----- Supplied information

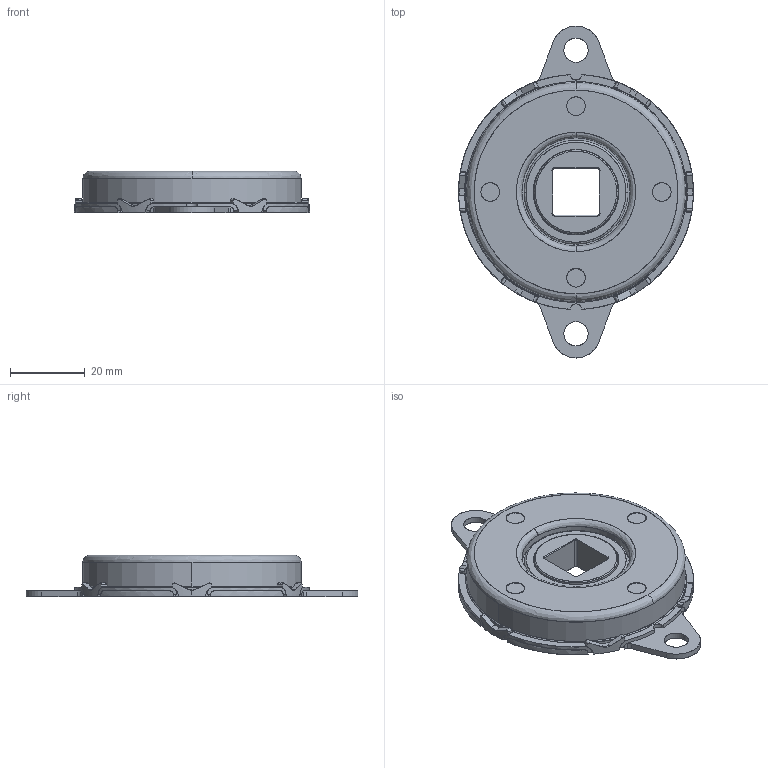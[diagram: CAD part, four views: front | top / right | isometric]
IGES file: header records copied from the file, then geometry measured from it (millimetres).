
Start section: SolidWorks IGES file using analytic representation for surfaces
Bounding box: 63 x 89 x 11.2 mm (x, y, z)
Surface area: 13110.3 mm2 (no closed solid volume)
Topology: 0 solids, 0 shells, 330 faces, 3576 edges, 3554 vertices
Faces by surface type: bspline 170, revolution 160
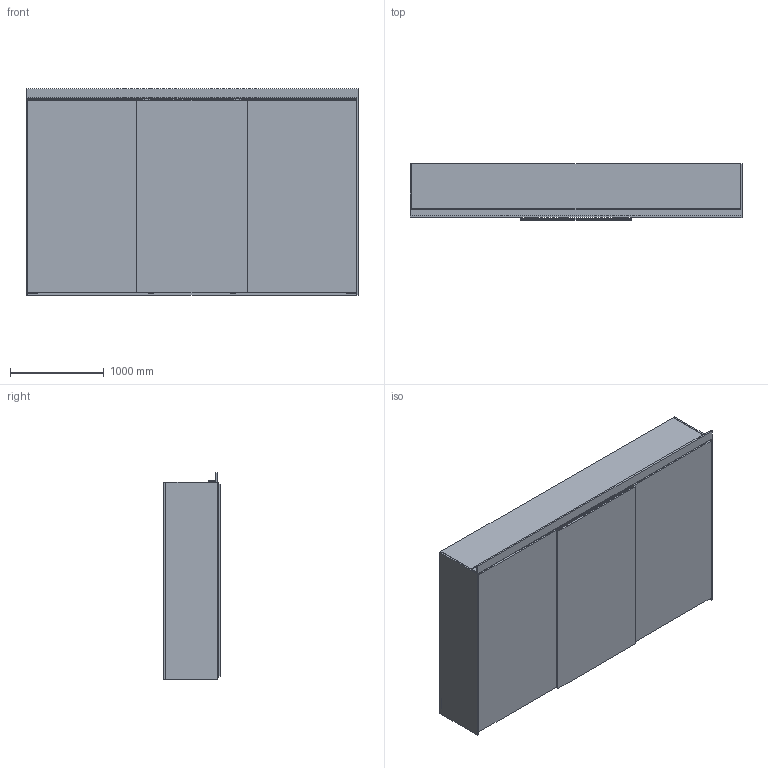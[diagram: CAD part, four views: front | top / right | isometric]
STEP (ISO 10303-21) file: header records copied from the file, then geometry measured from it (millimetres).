
FILE_DESCRIPTION(('STEP AP242'),'1');
FILE_NAME('OPO_51.047.52.stp','2026-02-23T17:25:27',(' '),(' '),'Spatial InterOp 3D',' ',' ');
FILE_SCHEMA(('AP242_MANAGED_MODEL_BASED_3D_ENGINEERING_MIM_LF {1 0 10303 442 1 1 4}'));
Length unit declared in the file: millimetre
Products named in the file (13): Zeichnung1; OPO_51.047.53; OPO_51.047.52_Obere_Rolle_Aussentuere; OPO_51.047.52_Obere_Rolle_Aussentuere_mit_Daempfer; OPO_51.047.52_Obere_Rolle_Innentuere_SCALED_id155_X-1_Y1_Z1; OPO_51.047.52_Obere_Rolle_Innentuere_mit_Daempfer; OPO_51.047.52_Stopper; OPO_51.047.52_Untere_Rolle_Aussentuere; OPO_51.047.52_Untere_Rolle_Innentuere; OPO_51.047.52_Obere_Rolle_Innentuere; OPO_51.047.52_Obere_Rolle_Innentuere_mit_Daempfer_SCALED_id179_X-1_Y1_Z1; OPO_51.047.52_Daempfung_unten; AutoCreatedBlock_155
Assembly tree (25 placements, depth 2):
  Zeichnung1
    OPO_51.047.53
    OPO_51.047.52_Obere_Rolle_Aussentuere
    OPO_51.047.52_Obere_Rolle_Aussentuere_mit_Daempfer
    OPO_51.047.52_Obere_Rolle_Innentuere_SCALED_id155_X-1_Y1_Z1
    OPO_51.047.52_Obere_Rolle_Innentuere_mit_Daempfer
    OPO_51.047.52_Stopper  x7
    OPO_51.047.52_Untere_Rolle_Aussentuere  x2
    OPO_51.047.52_Untere_Rolle_Innentuere  x4
    OPO_51.047.52_Obere_Rolle_Innentuere
    OPO_51.047.52_Obere_Rolle_Innentuere_mit_Daempfer_SCALED_id179_X-1_Y1_Z1
    OPO_51.047.52_Daempfung_unten  x4
    AutoCreatedBlock_155
Bounding box: 3534 x 599 x 2202 mm (x, y, z)
Volume: 362054702.2 mm3; surface area: 51241909.5 mm2
Topology: 192 solids, 192 shells, 4857 faces, 12742 edges, 8480 vertices
Faces by surface type: plane 2997, cylinder 1860
Entity records: 136508 total; most frequent: DIRECTION 18774, CARTESIAN_POINT 18771, ORIENTED_EDGE 18374, EDGE_CURVE 9187, LINE 6542, VECTOR 6542, AXIS2_PLACEMENT_3D 6116, VERTEX_POINT 6113

----------

Print the part of the listing above that opens with the line containing "Start section: SolidWorks" and closes with the line containing "FILE_DESCRIPTION(('STEP AP242'),'1');". Copy it exactly, both ends included, and omit the pictures.

Start section: SolidWorks IGES file using analytic representation for surfaces
Bounding box: 63 x 89 x 11.2 mm (x, y, z)
Surface area: 13110.3 mm2 (no closed solid volume)
Topology: 0 solids, 0 shells, 330 faces, 3576 edges, 3554 vertices
Faces by surface type: bspline 170, revolution 160
[diagram: CAD part, four views: front | top / right | isometric]
STEP (ISO 10303-21) file: header records copied from the file, then geometry measured from it (millimetres).
FILE_DESCRIPTION(('STEP AP242'),'1');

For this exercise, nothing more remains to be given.